• Brief:
From the records below, pull each line that has "import".

-----

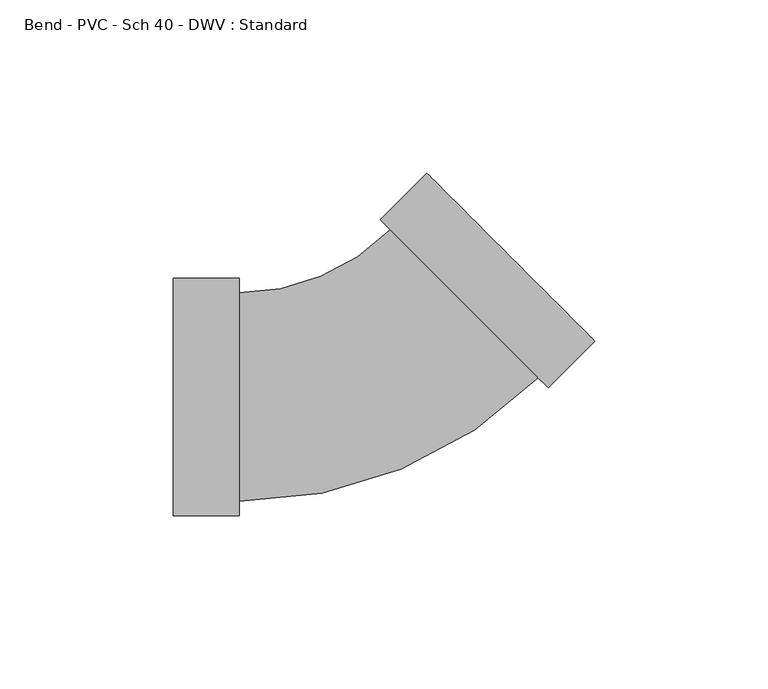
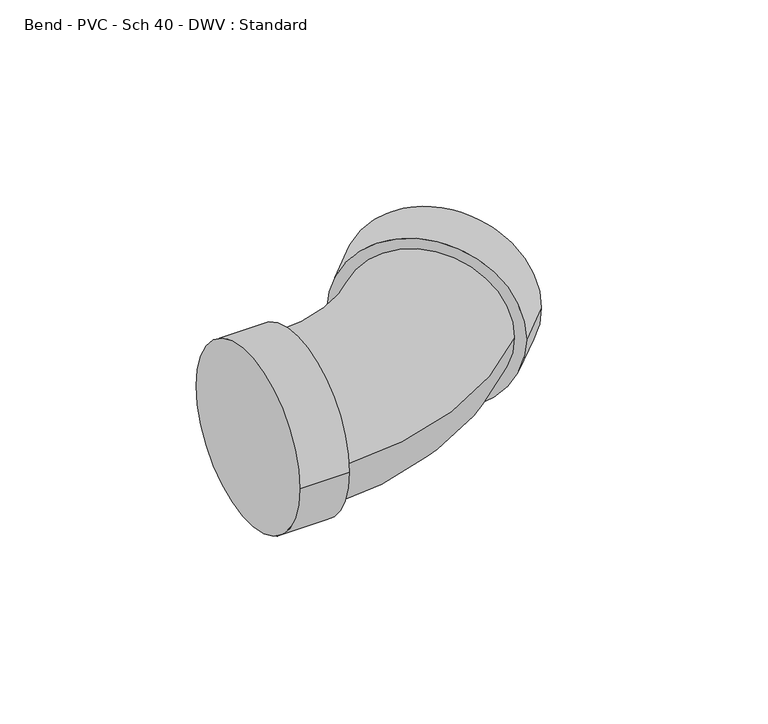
"""IFC4 building model written with IfcOpenShell, lengths in millimetres: pipe fitting geometry, Bend - PVC - Sch 40 - DWV : Standard."""

from ifc_helpers import new_model, si_unit, point, frame, origin, place, context, project, spatial, circle_curve, ellipse_curve, trimmed, source, transform, mapped, element, save
from ifc_brep_helpers import plane_surface, cylinder_surface, revolved_surface, advanced_brep


def bend_pvc_sch_40_dwv_standard_cc806abd(model_context):
    return source(origin(), model_context, "Body", "AdvancedBrep", [
        advanced_brep(
        [(-57.15, -34.3154, 0.0), (-57.15, 34.3154, 0.0), (-38.1, -34.3154, 0.0), (-38.1, 34.3154, 0.0), (-38.1, -30.1625, 0.0), (-38.1, 30.1625, 0.0), (5.6148326, 48.268624, 0.0), (48.2691292, 5.6104875, 0.0), (51.2055408, 2.6738116, 0.0), (2.6784211, 51.2052999, 0.0), (64.6765313, 16.1435895, 0.0), (16.1494115, 64.6750778, 0.0)],
        [
            (0, 1, circle_curve(frame((-57.15, 0.0, 0.0), z_axis=(-1.0, 0.0, 0.0), x_axis=(0.0, 1.0, 0.0)), 34.3154)),
            (1, 0, circle_curve(frame((-57.15, 0.0, 0.0), z_axis=(-1.0, 0.0, 0.0), x_axis=(0.0, 1.0, 0.0)), 34.3154)),
            (2, 3, circle_curve(frame((-38.1, 0.0, 0.0), z_axis=(1.0, 0.0, 0.0), x_axis=(0.0, 1.0, 0.0)), 34.3154)),
            (3, 2, circle_curve(frame((-38.1, 0.0, 0.0), z_axis=(1.0, 0.0, 0.0), x_axis=(0.0, 1.0, 0.0)), 34.3154)),
            (4, 5, circle_curve(frame((-38.1, 0.0, 0.0), z_axis=(-1.0, 0.0, 0.0), x_axis=(0.0, 1.0, 0.0)), 30.1625)),
            (5, 4, circle_curve(frame((-38.1, 0.0, 0.0), z_axis=(-1.0, 0.0, 0.0), x_axis=(0.0, 1.0, 0.0)), 30.1625)),
            (0, 2),
            (3, 1),
            (6, 5, circle_curve(frame((-38.1, 91.987392, 0.0), z_axis=(0.0, 0.0, -1.0), x_axis=(0.0, -1.0, 0.0)), 61.824892)),
            (4, 7, circle_curve(frame((-38.1, 91.987392, 0.0), z_axis=(0.0, 0.0, 1.0), x_axis=(0.0, -1.0, 0.0)), 122.149892)),
            (7, 6, circle_curve(frame((26.9419809, 26.9395557, 0.0), z_axis=(-0.70713860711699, -0.7070749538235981, 0.0), x_axis=(-0.7070749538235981, 0.70713860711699, 0.0)), 30.1625)),
            (6, 7, circle_curve(frame((26.9419809, 26.9395557, 0.0), z_axis=(-0.70713860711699, -0.7070749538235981, 0.0), x_axis=(-0.7070749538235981, 0.70713860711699, 0.0)), 30.1625)),
            (8, 9, circle_curve(frame((26.9419809, 26.9395557, 0.0), z_axis=(-0.7071386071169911, -0.7070749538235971, 0.0), x_axis=(-0.7070749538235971, 0.7071386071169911, 0.0)), 34.3154)),
            (9, 8, circle_curve(frame((26.9419809, 26.9395557, 0.0), z_axis=(-0.7071386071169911, -0.7070749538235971, 0.0), x_axis=(-0.7070749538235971, 0.7071386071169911, 0.0)), 34.3154)),
            (10, 11, circle_curve(frame((40.4129714, 40.4093336, 0.0), z_axis=(0.7071386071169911, 0.7070749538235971, 0.0), x_axis=(-0.7070749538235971, 0.7071386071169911, 0.0)), 34.3154)),
            (11, 10, circle_curve(frame((40.4129714, 40.4093336, 0.0), z_axis=(0.7071386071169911, 0.7070749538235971, 0.0), x_axis=(-0.7070749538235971, 0.7071386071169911, 0.0)), 34.3154)),
            (8, 10),
            (11, 9),
        ],
        [
            plane_surface(frame((-57.15, 0.0, 0.0), z_axis=(-1.0, 0.0, 0.0), x_axis=(0.0, 0.0, 1.0))),
            plane_surface(frame((-38.1, 0.0, 0.0), z_axis=(1.0, 0.0, 0.0), x_axis=(0.0, 0.0, 1.0))),
            cylinder_surface(frame((-57.15, 0.0, 0.0), z_axis=(-1.0, 0.0, 0.0), x_axis=(0.0, 1.0, 0.0)), 34.3154),
            revolved_surface(trimmed(ellipse_curve(frame((-38.1, 0.0, 0.0), z_axis=(-1.0, 0.0, 0.0), x_axis=(0.0, 1.0, 0.0)), 30.1625, 30.1625), [point((-38.1, -30.1625, 0.0))], [point((-38.1, 30.1625, 0.0))], True, "CARTESIAN"), (-38.1, 91.987392, 0.0), (0.0, 0.0, 1.0)),
            revolved_surface(trimmed(ellipse_curve(frame((-38.1, 0.0, 0.0), z_axis=(-1.0, 0.0, 0.0), x_axis=(0.0, 1.0, 0.0)), 30.1625, 30.1625), [point((-38.1, 30.1625, 0.0))], [point((-38.1, -30.1625, 0.0))], True, "CARTESIAN"), (-38.1, 91.987392, 0.0), (0.0, 0.0, 1.0)),
            plane_surface(frame((26.9419809, 26.9395557, 0.0), z_axis=(-0.7071386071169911, -0.7070749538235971, 0.0), x_axis=(0.0, 0.0, 1.0))),
            plane_surface(frame((40.4129714, 40.4093336, 0.0), z_axis=(0.7071386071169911, 0.7070749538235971, 0.0), x_axis=(0.0, 0.0, 1.0))),
            cylinder_surface(frame((26.9419809, 26.9395557, 0.0), z_axis=(-0.7071386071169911, -0.7070749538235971, 0.0), x_axis=(-0.7070749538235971, 0.7071386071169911, 0.0)), 34.3154),
        ],
        [
            (0, [[1, 2]]),
            (1, [[3, 4], [5, 6]]),
            (2, [[-1, 7, -4, 8]]),
            (2, [[-2, -8, -3, -7]]),
            (3, [[9, -5, 10, 11]]),
            (4, [[-9, 12, -10, -6]]),
            (5, [[13, 14], [-11, -12]]),
            (6, [[15, 16]]),
            (7, [[-13, 17, -16, 18]]),
            (7, [[-14, -18, -15, -17]]),
        ],
    ),
    ])


if __name__ == "__main__":
    model = new_model("IFC4")
    model_context = context("Model", 3, world=origin())
    ifc_project = project(units=[si_unit("LENGTHUNIT", "METRE", prefix="MILLI")], contexts=[model_context])
    site = spatial("IfcSite", under=ifc_project)
    building = spatial("IfcBuilding", under=site)
    placement = place(None, origin())
    bend_pvc_sch_40_dwv_standard_shape = bend_pvc_sch_40_dwv_standard_cc806abd(model_context)
    element("IfcPipeFitting", 1, ObjectType="Bend - PVC - Sch 40 - DWV : Standard", at=placement, inside=building, context=model_context, shape_type="MappedRepresentation", body=[
        mapped(bend_pvc_sch_40_dwv_standard_shape, transform((0.0, 0.0, 0.0), x_axis=(1.0, 0.0, 0.0), y_axis=(0.0, 1.0, 0.0), z_axis=(0.0, 0.0, 1.0))),
    ])
    save(model, "model.ifc")

-----

• Result of the exercise:
from ifc_helpers import new_model, si_unit, point, frame, origin, place, context, project, spatial, circle_curve, ellipse_curve, trimmed, source, transform, mapped, element, save
from ifc_brep_helpers import plane_surface, cylinder_surface, revolved_surface, advanced_brep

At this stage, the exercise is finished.